## Assignment
Copy every line of the records below that holds the word "Double".

===== Entries supplied =====

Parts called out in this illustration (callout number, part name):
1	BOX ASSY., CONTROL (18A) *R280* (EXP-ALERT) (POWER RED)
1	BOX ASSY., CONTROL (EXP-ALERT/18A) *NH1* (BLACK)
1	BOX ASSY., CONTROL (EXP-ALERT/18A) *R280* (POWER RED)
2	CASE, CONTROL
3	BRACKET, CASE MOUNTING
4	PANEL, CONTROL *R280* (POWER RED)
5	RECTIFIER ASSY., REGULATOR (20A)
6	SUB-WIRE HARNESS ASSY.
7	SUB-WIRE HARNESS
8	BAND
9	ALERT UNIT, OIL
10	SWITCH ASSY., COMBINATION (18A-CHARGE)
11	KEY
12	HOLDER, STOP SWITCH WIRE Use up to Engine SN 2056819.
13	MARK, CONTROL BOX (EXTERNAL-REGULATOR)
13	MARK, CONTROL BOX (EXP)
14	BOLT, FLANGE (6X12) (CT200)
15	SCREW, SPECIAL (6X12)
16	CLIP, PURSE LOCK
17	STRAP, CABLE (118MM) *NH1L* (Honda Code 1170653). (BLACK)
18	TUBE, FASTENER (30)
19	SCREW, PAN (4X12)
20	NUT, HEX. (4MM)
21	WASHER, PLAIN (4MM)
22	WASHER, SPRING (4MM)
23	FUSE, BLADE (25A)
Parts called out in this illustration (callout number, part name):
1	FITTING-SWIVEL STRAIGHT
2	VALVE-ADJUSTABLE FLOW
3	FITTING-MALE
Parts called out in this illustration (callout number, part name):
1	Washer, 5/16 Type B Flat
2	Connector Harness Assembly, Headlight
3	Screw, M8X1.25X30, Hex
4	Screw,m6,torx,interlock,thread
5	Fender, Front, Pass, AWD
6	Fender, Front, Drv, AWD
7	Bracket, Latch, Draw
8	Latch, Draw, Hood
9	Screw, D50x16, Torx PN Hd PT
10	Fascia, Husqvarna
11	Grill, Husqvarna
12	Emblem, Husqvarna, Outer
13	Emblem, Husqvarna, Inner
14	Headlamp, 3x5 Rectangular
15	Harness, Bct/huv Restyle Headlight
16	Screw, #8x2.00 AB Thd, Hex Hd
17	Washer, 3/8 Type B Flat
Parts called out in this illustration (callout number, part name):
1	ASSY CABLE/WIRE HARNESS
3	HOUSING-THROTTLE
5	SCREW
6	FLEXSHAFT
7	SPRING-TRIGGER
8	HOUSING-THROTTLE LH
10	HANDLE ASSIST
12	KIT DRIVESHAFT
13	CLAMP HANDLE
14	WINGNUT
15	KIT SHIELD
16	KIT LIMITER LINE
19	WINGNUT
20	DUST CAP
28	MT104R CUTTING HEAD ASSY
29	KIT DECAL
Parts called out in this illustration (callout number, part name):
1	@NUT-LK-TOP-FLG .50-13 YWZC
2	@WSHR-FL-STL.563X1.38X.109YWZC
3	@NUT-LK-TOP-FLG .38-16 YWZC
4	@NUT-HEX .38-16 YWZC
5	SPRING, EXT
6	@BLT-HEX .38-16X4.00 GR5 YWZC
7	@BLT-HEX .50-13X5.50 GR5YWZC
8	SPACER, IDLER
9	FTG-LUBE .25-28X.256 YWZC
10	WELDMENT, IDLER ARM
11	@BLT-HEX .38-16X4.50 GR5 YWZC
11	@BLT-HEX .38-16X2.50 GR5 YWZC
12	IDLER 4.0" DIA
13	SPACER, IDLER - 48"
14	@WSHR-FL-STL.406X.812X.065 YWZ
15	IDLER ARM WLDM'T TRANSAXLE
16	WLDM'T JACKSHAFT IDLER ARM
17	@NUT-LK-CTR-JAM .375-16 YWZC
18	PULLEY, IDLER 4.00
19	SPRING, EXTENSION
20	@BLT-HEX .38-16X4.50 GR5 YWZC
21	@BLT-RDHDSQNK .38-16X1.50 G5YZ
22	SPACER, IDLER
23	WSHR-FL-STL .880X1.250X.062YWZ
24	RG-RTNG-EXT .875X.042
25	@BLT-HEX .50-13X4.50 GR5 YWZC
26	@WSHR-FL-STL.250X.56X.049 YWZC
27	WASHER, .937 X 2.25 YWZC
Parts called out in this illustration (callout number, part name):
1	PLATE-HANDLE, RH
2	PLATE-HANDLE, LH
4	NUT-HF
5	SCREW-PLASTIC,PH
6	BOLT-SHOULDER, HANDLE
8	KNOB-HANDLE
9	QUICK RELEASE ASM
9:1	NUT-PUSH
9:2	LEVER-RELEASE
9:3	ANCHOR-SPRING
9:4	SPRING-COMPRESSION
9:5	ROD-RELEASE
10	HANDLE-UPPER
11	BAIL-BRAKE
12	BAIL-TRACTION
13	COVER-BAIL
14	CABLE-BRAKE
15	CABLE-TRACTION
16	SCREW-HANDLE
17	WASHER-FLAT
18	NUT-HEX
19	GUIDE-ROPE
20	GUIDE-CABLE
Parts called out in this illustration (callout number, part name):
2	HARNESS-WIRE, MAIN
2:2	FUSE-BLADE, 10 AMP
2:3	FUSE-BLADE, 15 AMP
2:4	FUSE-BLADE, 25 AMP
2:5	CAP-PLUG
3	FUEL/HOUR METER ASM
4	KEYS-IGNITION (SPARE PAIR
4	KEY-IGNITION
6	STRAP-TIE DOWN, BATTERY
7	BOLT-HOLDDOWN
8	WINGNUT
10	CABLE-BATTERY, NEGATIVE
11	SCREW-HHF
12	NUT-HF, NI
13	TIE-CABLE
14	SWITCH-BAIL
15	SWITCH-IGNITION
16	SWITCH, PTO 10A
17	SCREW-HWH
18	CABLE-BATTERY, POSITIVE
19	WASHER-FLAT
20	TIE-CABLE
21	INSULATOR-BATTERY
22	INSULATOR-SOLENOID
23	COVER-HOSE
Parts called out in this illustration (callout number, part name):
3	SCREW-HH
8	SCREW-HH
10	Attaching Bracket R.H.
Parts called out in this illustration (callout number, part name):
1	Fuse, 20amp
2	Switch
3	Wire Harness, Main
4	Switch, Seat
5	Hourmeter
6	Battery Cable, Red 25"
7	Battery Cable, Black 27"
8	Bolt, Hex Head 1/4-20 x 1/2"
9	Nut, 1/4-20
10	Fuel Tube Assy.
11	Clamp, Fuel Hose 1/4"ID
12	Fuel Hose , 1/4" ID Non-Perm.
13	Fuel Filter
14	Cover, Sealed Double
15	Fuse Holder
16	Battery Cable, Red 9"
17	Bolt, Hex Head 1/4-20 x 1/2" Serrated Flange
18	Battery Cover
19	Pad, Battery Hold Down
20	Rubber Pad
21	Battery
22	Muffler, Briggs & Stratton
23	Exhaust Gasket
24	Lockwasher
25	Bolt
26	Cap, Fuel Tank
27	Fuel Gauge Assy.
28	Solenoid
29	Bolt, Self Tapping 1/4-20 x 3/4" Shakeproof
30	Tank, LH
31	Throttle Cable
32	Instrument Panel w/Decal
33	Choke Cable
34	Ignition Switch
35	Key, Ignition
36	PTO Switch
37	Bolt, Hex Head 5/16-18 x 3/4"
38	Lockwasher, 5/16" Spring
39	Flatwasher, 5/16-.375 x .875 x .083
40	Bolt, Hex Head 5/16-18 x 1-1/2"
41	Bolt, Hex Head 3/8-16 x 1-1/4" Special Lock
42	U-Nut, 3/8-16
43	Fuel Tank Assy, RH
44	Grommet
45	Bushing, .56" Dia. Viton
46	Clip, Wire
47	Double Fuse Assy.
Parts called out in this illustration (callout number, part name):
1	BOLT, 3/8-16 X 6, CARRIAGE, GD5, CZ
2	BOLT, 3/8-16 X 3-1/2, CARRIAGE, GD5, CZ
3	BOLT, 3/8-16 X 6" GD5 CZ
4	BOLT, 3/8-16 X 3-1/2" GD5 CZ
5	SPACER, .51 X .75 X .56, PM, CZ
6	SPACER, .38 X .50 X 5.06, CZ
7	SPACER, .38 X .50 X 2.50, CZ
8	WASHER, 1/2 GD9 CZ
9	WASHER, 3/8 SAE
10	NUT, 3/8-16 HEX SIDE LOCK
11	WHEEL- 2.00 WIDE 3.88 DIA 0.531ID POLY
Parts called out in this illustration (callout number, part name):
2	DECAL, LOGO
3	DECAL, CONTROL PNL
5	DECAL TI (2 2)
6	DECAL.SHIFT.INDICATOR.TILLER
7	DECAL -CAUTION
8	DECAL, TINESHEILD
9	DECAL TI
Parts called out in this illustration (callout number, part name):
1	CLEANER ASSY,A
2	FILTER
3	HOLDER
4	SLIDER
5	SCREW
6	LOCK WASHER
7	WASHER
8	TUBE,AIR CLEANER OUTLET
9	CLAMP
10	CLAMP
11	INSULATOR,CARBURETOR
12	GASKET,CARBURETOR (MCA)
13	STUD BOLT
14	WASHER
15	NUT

=====

## Exercise result
14	Cover, Sealed Double
47	Double Fuse Assy.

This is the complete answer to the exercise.